### Your goal
Would you set down each line of the data below exactly?

Records from a data source
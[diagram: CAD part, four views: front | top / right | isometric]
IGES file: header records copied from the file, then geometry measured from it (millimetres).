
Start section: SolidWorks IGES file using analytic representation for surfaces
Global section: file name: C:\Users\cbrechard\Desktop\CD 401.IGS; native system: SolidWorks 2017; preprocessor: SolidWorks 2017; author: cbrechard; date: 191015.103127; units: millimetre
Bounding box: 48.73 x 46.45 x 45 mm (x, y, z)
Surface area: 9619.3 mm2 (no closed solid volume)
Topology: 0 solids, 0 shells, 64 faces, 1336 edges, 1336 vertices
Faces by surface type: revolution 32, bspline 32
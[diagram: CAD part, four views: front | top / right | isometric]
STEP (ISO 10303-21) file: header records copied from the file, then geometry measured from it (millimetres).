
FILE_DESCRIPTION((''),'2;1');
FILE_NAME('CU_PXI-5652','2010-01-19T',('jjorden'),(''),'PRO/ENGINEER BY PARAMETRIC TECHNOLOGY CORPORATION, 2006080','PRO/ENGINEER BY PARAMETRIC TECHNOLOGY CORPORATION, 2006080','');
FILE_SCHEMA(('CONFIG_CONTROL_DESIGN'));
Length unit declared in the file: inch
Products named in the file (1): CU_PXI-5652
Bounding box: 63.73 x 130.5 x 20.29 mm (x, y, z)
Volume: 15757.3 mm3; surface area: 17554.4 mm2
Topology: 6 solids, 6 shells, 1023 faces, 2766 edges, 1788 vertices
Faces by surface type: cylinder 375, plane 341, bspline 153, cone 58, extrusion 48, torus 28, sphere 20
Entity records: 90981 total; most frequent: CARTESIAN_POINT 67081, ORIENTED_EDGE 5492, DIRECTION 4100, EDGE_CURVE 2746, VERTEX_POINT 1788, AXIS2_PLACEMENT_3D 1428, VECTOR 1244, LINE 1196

### Result
[diagram: CAD part, four views: front | top / right | isometric]
IGES file: header records copied from the file, then geometry measured from it (millimetres).
Start section: SolidWorks IGES file using analytic representation for surfaces
Global section: file name: C:\Users\cbrechard\Desktop\CD 401.IGS; native system: SolidWorks 2017; preprocessor: SolidWorks 2017; author: cbrechard; date: 191015.103127; units: millimetre
Bounding box: 48.73 x 46.45 x 45 mm (x, y, z)
Surface area: 9619.3 mm2 (no closed solid volume)
Topology: 0 solids, 0 shells, 64 faces, 1336 edges, 1336 vertices
Faces by surface type: revolution 32, bspline 32
[diagram: CAD part, four views: front | top / right | isometric]
STEP (ISO 10303-21) file: header records copied from the file, then geometry measured from it (millimetres).
FILE_DESCRIPTION((''),'2;1');
FILE_NAME('CU_PXI-5652','2010-01-19T',('jjorden'),(''),'PRO/ENGINEER BY PARAMETRIC TECHNOLOGY CORPORATION, 2006080','PRO/ENGINEER BY PARAMETRIC TECHNOLOGY CORPORATION, 2006080','');
FILE_SCHEMA(('CONFIG_CONTROL_DESIGN'));
Length unit declared in the file: inch
Products named in the file (1): CU_PXI-5652
Bounding box: 63.73 x 130.5 x 20.29 mm (x, y, z)
Volume: 15757.3 mm3; surface area: 17554.4 mm2
Topology: 6 solids, 6 shells, 1023 faces, 2766 edges, 1788 vertices
Faces by surface type: cylinder 375, plane 341, bspline 153, cone 58, extrusion 48, torus 28, sphere 20
Entity records: 90981 total; most frequent: CARTESIAN_POINT 67081, ORIENTED_EDGE 5492, DIRECTION 4100, EDGE_CURVE 2746, VERTEX_POINT 1788, AXIS2_PLACEMENT_3D 1428, VECTOR 1244, LINE 1196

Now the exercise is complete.